About this exercise: Reproduce the records below exactly, but only between the lines holding "#16977 = LINE ( 'NONE', #50317, #26337 ) ;" and "#22666 = EDGE_CURVE", inclusive.

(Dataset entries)
● ● ● ●

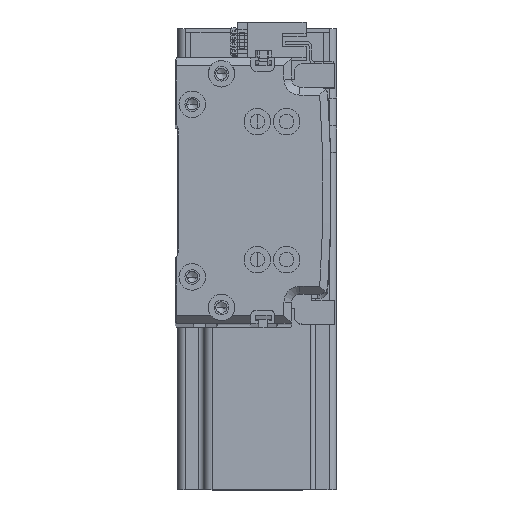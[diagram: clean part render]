
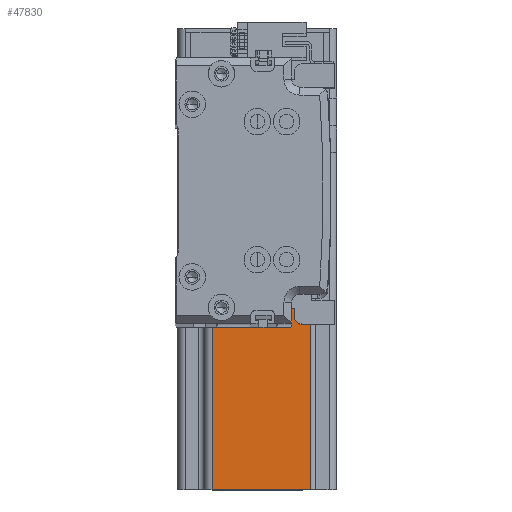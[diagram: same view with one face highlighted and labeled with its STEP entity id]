
A CAD part, top view. The second image highlights one B-rep face of the part: STEP entity #47830.
In plain terms, the highlighted planar face has unit normal (0, 0, 1) as drawn and (-1, 0, 0) by its records, which use the part's own axes.
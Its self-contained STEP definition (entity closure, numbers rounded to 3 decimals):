
#552 = LINE ( 'NONE', #11300, #11060 ) ;
#638 = CARTESIAN_POINT ( 'NONE',  ( -30., -17., 10. ) ) ;
#1996 = LINE ( 'NONE', #29669, #21911 ) ;
#2666 = VECTOR ( 'NONE', #10848, 1000. ) ;
#2713 = DIRECTION ( 'NONE',  ( 0., 0., 1. ) ) ;
#5201 = DIRECTION ( 'NONE',  ( 0., -1., 0. ) ) ;
#5704 = CARTESIAN_POINT ( 'NONE',  ( -30., -30., 137. ) ) ;
#6771 = VERTEX_POINT ( 'NONE', #24633 ) ;
#9238 = VERTEX_POINT ( 'NONE', #638 ) ;
#9531 = PLANE ( 'NONE',  #37177 ) ;
#9697 = DIRECTION ( 'NONE',  ( 0., 0., -1. ) ) ;
#10166 = ORIENTED_EDGE ( 'NONE', *, *, #48884, .F. ) ;
#10848 = DIRECTION ( 'NONE',  ( 0., -1., 0. ) ) ;
#10980 = ORIENTED_EDGE ( 'NONE', *, *, #50040, .T. ) ;
#11060 = VECTOR ( 'NONE', #35174, 1000. ) ;
#11300 = CARTESIAN_POINT ( 'NONE',  ( -30., 27., 137. ) ) ;
#12090 = VECTOR ( 'NONE', #37921, 1000. ) ;
#12324 = CARTESIAN_POINT ( 'NONE',  ( -30., -30., 10. ) ) ;
#12374 = VERTEX_POINT ( 'NONE', #34146 ) ;
#13550 = ORIENTED_EDGE ( 'NONE', *, *, #25260, .T. ) ;
#14544 = CARTESIAN_POINT ( 'NONE',  ( -30., -17., 137. ) ) ;
#14584 = LINE ( 'NONE', #21905, #12090 ) ;
#14663 = LINE ( 'NONE', #41637, #46448 ) ;
#14865 = CARTESIAN_POINT ( 'NONE',  ( -30., -30., 0. ) ) ;
#16977 = LINE ( 'NONE', #50317, #26337 ) ;
#17787 = DIRECTION ( 'NONE',  ( 0., -1., 0. ) ) ;
#21473 = ORIENTED_EDGE ( 'NONE', *, *, #46761, .T. ) ;
#21786 = CARTESIAN_POINT ( 'NONE',  ( -30., 27., 0. ) ) ;
#21905 = CARTESIAN_POINT ( 'NONE',  ( -30., 20., 10. ) ) ;
#21911 = VECTOR ( 'NONE', #33669, 1000. ) ;
#22666 = EDGE_CURVE ( 'NONE', #27724, #40830, #14584, .T. ) ;
#23115 = ORIENTED_EDGE ( 'NONE', *, *, #43585, .F. ) ;
#24044 = EDGE_CURVE ( 'NONE', #9238, #6771, #34896, .T. ) ;
#24322 = VECTOR ( 'NONE', #38414, 1000. ) ;
#24428 = VECTOR ( 'NONE', #5201, 1000. ) ;
#24633 = CARTESIAN_POINT ( 'NONE',  ( -30., -17., 137. ) ) ;
#25260 = EDGE_CURVE ( 'NONE', #31787, #50481, #552, .T. ) ;
#26337 = VECTOR ( 'NONE', #2713, 1000. ) ;
#27049 = CARTESIAN_POINT ( 'NONE',  ( -30., -27., 10. ) ) ;
#27724 = VERTEX_POINT ( 'NONE', #34820 ) ;
#29669 = CARTESIAN_POINT ( 'NONE',  ( -30., 30., 10. ) ) ;
#31582 = EDGE_LOOP ( 'NONE', ( #23115, #47771, #10166, #38659, #21473, #13550, #10980, #50116 ) ) ;
#31787 = VERTEX_POINT ( 'NONE', #49964 ) ;
#32258 = CARTESIAN_POINT ( 'NONE',  ( -30., 20., 137. ) ) ;
#33548 = DIRECTION ( 'NONE',  ( 1., 0., 0. ) ) ;
#33669 = DIRECTION ( 'NONE',  ( 0., 1., 0. ) ) ;
#34146 = CARTESIAN_POINT ( 'NONE',  ( -30., -27., 0. ) ) ;
#34820 = CARTESIAN_POINT ( 'NONE',  ( -30., 20., 10. ) ) ;
#34896 = LINE ( 'NONE', #14544, #24322 ) ;
#35174 = DIRECTION ( 'NONE',  ( 0., 0., -1. ) ) ;
#37177 = AXIS2_PLACEMENT_3D ( 'NONE', #5704, #33548, #9697 ) ;
#37921 = DIRECTION ( 'NONE',  ( 0., 0., 1. ) ) ;
#38414 = DIRECTION ( 'NONE',  ( 0., 0., 1. ) ) ;
#38659 = ORIENTED_EDGE ( 'NONE', *, *, #22666, .F. ) ;
#39127 = VERTEX_POINT ( 'NONE', #27049 ) ;
#40830 = VERTEX_POINT ( 'NONE', #32258 ) ;
#41637 = CARTESIAN_POINT ( 'NONE',  ( -30., -30., 137. ) ) ;
#43585 = EDGE_CURVE ( 'NONE', #9238, #39127, #46837, .T. ) ;
#46264 = LINE ( 'NONE', #14865, #2666 ) ;
#46448 = VECTOR ( 'NONE', #17787, 1000. ) ;
#46761 = EDGE_CURVE ( 'NONE', #27724, #31787, #1996, .T. ) ;
#46837 = LINE ( 'NONE', #12324, #24428 ) ;
#47771 = ORIENTED_EDGE ( 'NONE', *, *, #24044, .T. ) ;
#47830 = ADVANCED_FACE ( 'NONE', ( #50256 ), #9531, .F. ) ;
#48884 = EDGE_CURVE ( 'NONE', #40830, #6771, #14663, .T. ) ;
#49960 = EDGE_CURVE ( 'NONE', #12374, #39127, #16977, .T. ) ;
#49964 = CARTESIAN_POINT ( 'NONE',  ( -30., 27., 10. ) ) ;
#50040 = EDGE_CURVE ( 'NONE', #50481, #12374, #46264, .T. ) ;
#50116 = ORIENTED_EDGE ( 'NONE', *, *, #49960, .T. ) ;
#50256 = FACE_OUTER_BOUND ( 'NONE', #31582, .T. ) ;
#50317 = CARTESIAN_POINT ( 'NONE',  ( -30., -27., 137. ) ) ;
#50481 = VERTEX_POINT ( 'NONE', #21786 ) ;

● ● ● ●

Answer to this problem:
#16977 = LINE ( 'NONE', #50317, #26337 ) ;
#17787 = DIRECTION ( 'NONE',  ( 0., -1., 0. ) ) ;
#21473 = ORIENTED_EDGE ( 'NONE', *, *, #46761, .T. ) ;
#21786 = CARTESIAN_POINT ( 'NONE',  ( -30., 27., 0. ) ) ;
#21905 = CARTESIAN_POINT ( 'NONE',  ( -30., 20., 10. ) ) ;
#21911 = VECTOR ( 'NONE', #33669, 1000. ) ;
#22666 = EDGE_CURVE ( 'NONE', #27724, #40830, #14584, .T. ) ;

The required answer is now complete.